§ **What you will do**: If a line in the records below contains the word "second", copy it out.

#### Records to use ####

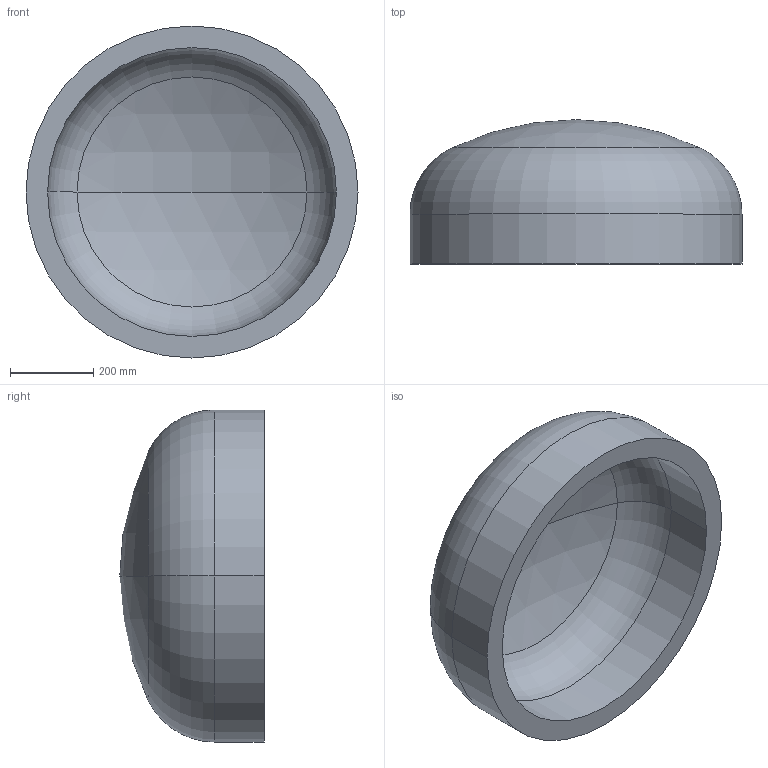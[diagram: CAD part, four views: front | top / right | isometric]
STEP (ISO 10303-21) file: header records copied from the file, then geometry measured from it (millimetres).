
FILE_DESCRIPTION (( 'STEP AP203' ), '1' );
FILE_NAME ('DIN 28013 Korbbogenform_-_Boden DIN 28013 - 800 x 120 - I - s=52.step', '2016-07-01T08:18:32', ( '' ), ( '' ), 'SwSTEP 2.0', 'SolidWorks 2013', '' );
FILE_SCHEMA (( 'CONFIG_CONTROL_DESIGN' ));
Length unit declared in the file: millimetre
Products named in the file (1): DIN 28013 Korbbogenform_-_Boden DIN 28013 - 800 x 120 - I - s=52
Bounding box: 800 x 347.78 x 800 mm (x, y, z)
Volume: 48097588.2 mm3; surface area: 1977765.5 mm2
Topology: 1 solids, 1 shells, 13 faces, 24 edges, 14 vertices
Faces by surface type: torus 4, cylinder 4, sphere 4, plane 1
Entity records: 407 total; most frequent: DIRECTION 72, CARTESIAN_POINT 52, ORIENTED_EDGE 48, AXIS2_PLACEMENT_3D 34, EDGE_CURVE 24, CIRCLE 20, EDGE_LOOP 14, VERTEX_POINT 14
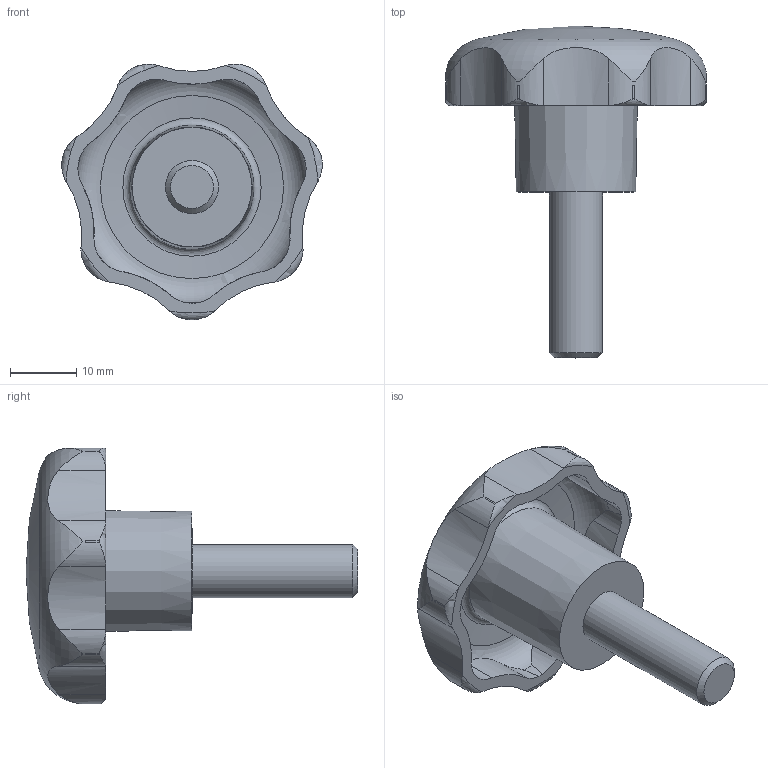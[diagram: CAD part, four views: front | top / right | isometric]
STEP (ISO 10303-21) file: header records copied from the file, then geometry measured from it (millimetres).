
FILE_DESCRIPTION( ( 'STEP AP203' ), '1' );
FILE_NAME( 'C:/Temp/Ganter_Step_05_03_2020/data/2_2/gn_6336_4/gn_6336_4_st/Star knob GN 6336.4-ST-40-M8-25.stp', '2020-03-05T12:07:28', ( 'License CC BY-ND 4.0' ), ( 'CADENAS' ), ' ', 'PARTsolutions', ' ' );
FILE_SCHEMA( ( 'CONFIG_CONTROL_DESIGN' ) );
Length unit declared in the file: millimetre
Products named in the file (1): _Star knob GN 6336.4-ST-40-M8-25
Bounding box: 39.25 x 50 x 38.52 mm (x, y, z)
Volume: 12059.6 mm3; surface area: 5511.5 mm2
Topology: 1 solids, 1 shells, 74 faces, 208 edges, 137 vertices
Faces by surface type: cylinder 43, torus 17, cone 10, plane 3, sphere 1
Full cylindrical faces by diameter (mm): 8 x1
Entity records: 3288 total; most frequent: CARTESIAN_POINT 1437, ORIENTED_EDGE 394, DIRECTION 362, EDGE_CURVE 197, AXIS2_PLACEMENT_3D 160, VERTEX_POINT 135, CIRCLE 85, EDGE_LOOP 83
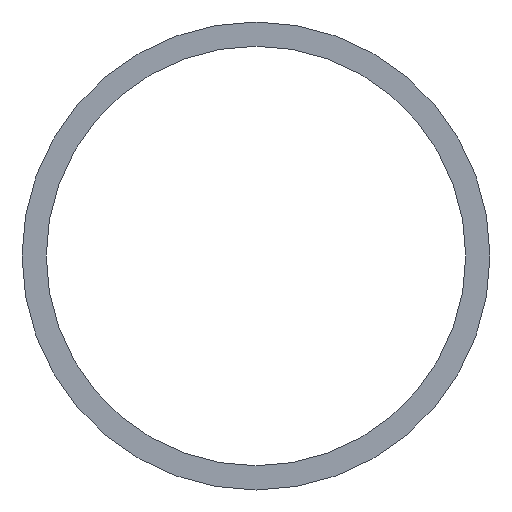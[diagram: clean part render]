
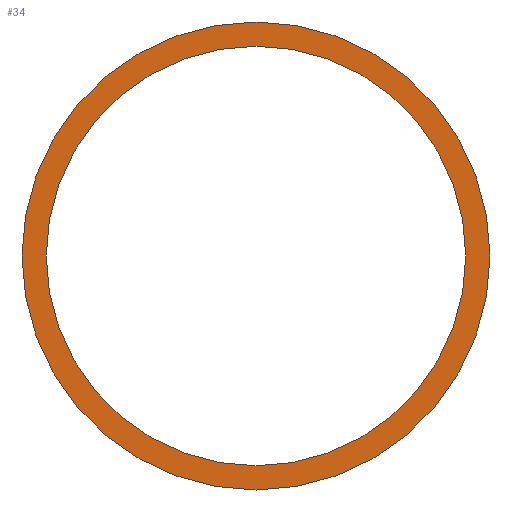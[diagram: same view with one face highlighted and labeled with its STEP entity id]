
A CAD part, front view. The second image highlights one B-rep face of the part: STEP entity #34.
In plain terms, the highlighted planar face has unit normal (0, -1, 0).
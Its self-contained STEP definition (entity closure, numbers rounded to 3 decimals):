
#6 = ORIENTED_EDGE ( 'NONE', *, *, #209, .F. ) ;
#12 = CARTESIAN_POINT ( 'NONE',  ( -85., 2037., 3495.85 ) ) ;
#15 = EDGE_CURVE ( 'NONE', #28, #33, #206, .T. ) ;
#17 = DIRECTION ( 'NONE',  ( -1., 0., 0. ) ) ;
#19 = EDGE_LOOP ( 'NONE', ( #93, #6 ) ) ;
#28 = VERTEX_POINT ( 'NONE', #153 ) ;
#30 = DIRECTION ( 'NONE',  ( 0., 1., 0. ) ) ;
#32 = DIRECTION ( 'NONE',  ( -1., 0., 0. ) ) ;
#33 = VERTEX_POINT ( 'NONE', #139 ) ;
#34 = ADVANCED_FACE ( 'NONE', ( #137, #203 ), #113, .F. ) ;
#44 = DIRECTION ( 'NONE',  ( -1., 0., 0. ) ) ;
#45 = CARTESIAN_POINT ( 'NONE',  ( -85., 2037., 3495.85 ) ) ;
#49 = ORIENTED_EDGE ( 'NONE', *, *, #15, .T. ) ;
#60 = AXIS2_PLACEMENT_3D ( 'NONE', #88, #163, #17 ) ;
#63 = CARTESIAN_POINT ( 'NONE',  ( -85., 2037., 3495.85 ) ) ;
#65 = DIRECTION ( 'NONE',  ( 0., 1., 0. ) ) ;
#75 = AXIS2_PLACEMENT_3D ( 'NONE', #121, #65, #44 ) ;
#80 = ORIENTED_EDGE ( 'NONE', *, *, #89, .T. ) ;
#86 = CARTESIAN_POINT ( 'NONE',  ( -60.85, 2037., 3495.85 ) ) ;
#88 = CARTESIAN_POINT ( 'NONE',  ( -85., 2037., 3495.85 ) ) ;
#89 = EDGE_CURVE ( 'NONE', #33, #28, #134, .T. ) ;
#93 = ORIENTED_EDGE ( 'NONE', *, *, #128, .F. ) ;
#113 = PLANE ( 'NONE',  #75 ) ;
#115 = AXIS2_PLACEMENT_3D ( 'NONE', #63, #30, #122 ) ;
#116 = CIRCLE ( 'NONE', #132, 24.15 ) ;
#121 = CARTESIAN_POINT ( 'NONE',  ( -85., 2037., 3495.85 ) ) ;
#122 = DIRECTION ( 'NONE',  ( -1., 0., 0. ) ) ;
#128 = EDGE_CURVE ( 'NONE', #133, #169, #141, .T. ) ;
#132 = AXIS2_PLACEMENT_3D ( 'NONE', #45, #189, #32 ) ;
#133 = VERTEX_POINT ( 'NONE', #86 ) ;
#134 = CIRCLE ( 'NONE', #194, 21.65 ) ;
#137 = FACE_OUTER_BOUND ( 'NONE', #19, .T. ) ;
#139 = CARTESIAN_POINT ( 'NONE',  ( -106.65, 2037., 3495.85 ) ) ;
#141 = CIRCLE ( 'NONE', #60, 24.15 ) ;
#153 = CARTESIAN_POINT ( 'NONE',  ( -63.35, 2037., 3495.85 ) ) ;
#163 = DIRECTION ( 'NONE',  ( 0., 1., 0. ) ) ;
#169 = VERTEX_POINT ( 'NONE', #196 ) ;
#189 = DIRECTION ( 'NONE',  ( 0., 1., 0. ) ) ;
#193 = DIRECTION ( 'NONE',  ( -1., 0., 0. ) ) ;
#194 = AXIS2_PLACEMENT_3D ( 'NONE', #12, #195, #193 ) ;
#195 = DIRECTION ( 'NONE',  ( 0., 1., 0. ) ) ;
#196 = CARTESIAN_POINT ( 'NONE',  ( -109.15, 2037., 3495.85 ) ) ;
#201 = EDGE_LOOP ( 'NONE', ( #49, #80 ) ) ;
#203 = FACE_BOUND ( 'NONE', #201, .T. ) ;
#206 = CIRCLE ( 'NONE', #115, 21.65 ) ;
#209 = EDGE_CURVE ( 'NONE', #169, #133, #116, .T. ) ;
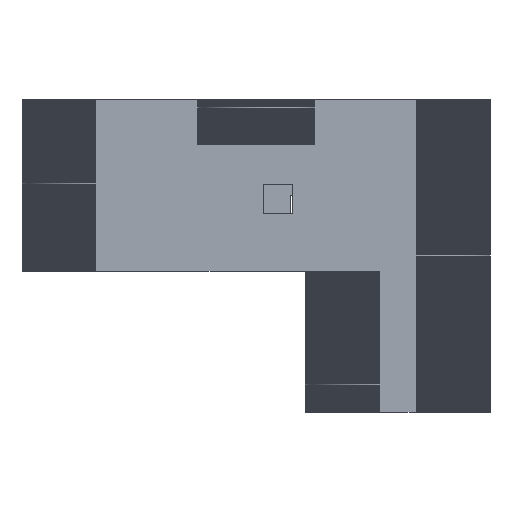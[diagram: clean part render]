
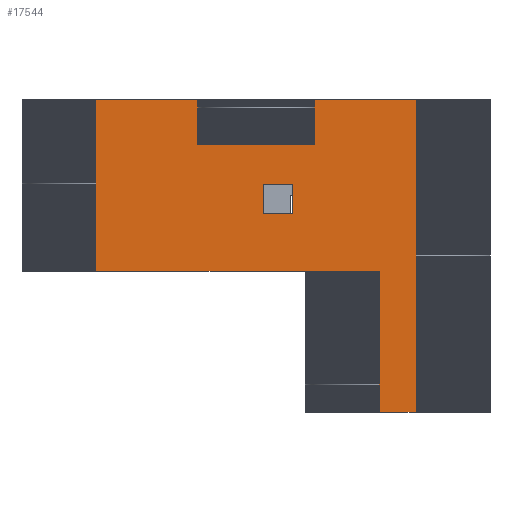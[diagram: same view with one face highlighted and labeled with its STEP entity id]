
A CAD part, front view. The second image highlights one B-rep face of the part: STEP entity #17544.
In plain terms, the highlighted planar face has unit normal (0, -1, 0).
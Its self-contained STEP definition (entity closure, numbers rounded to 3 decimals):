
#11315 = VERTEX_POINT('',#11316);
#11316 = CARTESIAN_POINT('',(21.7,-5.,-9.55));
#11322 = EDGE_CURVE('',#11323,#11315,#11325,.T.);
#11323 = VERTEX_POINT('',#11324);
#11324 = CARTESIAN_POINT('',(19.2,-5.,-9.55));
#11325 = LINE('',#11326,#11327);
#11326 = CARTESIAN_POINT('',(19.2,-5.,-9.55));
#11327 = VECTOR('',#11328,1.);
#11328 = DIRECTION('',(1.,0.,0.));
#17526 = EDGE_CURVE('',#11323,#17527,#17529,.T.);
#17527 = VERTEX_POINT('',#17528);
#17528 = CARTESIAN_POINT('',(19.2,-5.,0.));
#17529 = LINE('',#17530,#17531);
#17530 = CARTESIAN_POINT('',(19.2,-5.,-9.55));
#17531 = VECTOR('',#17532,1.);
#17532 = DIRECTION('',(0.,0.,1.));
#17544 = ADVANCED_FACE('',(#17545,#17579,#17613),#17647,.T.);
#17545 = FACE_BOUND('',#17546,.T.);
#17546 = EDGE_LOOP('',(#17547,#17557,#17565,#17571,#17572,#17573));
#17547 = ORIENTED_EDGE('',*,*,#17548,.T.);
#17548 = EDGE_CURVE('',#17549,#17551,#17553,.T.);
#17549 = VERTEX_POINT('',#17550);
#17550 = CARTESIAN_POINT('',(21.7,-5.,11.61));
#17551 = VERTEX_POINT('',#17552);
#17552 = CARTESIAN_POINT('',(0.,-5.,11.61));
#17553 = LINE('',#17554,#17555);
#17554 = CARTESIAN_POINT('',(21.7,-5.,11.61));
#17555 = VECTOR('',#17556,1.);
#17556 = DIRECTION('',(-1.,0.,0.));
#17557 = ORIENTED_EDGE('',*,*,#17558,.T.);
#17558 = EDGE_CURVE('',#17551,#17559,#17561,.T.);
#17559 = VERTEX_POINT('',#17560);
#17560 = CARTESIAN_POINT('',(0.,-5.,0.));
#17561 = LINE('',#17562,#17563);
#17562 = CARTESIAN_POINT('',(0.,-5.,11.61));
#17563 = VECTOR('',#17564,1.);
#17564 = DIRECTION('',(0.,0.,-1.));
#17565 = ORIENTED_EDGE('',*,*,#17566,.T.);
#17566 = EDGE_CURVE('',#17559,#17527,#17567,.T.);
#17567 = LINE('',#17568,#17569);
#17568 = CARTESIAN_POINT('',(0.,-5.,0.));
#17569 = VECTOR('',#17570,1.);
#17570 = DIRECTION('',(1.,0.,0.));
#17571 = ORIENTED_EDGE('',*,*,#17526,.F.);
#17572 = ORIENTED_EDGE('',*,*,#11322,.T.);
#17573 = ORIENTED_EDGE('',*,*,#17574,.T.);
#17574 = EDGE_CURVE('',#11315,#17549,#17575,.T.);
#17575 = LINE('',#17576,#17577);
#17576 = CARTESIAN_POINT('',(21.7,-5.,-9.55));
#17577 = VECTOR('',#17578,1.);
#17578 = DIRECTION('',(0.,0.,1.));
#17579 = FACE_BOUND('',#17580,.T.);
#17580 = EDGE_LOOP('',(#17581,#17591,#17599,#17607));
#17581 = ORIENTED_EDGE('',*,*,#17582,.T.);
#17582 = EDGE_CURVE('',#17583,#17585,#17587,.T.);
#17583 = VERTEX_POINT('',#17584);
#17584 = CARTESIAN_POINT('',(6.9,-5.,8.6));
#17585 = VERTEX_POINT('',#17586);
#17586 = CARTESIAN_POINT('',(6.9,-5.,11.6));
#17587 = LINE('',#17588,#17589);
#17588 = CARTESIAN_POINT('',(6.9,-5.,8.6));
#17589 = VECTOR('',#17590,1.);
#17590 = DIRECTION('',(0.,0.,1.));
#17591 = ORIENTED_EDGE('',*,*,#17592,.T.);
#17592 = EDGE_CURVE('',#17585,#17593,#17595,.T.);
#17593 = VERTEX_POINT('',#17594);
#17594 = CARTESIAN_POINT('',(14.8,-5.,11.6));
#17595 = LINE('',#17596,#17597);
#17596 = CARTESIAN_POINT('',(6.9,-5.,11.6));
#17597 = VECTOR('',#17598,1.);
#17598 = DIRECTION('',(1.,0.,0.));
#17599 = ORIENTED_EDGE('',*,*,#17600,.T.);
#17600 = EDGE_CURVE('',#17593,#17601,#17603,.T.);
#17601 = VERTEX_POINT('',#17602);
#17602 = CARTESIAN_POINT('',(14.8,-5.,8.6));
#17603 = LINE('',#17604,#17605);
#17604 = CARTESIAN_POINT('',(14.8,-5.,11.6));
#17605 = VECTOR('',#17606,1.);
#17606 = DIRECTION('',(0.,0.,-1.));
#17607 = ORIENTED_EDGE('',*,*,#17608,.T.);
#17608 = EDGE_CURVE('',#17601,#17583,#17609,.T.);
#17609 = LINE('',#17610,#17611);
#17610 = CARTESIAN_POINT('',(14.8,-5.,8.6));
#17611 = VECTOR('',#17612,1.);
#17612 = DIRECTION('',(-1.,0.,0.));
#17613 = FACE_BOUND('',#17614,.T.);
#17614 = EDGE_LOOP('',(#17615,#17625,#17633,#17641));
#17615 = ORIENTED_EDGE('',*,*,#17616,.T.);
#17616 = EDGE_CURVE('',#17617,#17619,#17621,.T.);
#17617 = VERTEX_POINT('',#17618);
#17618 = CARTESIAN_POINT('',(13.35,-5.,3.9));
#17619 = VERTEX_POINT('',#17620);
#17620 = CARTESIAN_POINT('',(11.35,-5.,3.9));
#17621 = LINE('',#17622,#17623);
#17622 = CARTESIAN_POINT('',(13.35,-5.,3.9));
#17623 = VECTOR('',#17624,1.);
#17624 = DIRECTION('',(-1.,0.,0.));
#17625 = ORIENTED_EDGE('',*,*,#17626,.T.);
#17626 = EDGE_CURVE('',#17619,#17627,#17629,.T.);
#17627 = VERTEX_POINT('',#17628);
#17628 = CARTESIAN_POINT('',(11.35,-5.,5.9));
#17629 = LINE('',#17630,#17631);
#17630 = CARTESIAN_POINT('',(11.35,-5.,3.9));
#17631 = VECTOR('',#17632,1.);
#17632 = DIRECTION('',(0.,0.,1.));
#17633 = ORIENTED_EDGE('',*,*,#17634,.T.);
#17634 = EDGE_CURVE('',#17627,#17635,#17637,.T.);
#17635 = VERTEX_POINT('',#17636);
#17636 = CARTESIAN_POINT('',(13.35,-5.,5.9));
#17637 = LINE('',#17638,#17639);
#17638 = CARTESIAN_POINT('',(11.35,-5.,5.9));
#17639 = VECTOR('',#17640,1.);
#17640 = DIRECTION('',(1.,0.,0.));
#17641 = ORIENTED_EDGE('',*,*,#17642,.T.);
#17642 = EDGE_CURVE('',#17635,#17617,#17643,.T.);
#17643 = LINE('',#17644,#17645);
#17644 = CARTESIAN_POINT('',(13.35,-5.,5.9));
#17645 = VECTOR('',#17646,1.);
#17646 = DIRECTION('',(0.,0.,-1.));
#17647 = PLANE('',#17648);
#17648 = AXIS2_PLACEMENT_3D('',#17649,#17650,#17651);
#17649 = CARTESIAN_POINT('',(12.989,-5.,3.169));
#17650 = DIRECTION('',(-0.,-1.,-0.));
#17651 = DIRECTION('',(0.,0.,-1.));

####

§ **Your response**:
A CAD part, front view. The second image highlights one B-rep face of the part: STEP entity #34.
A CAD part, front view. The second image highlights one B-rep face of the part: STEP entity #17544.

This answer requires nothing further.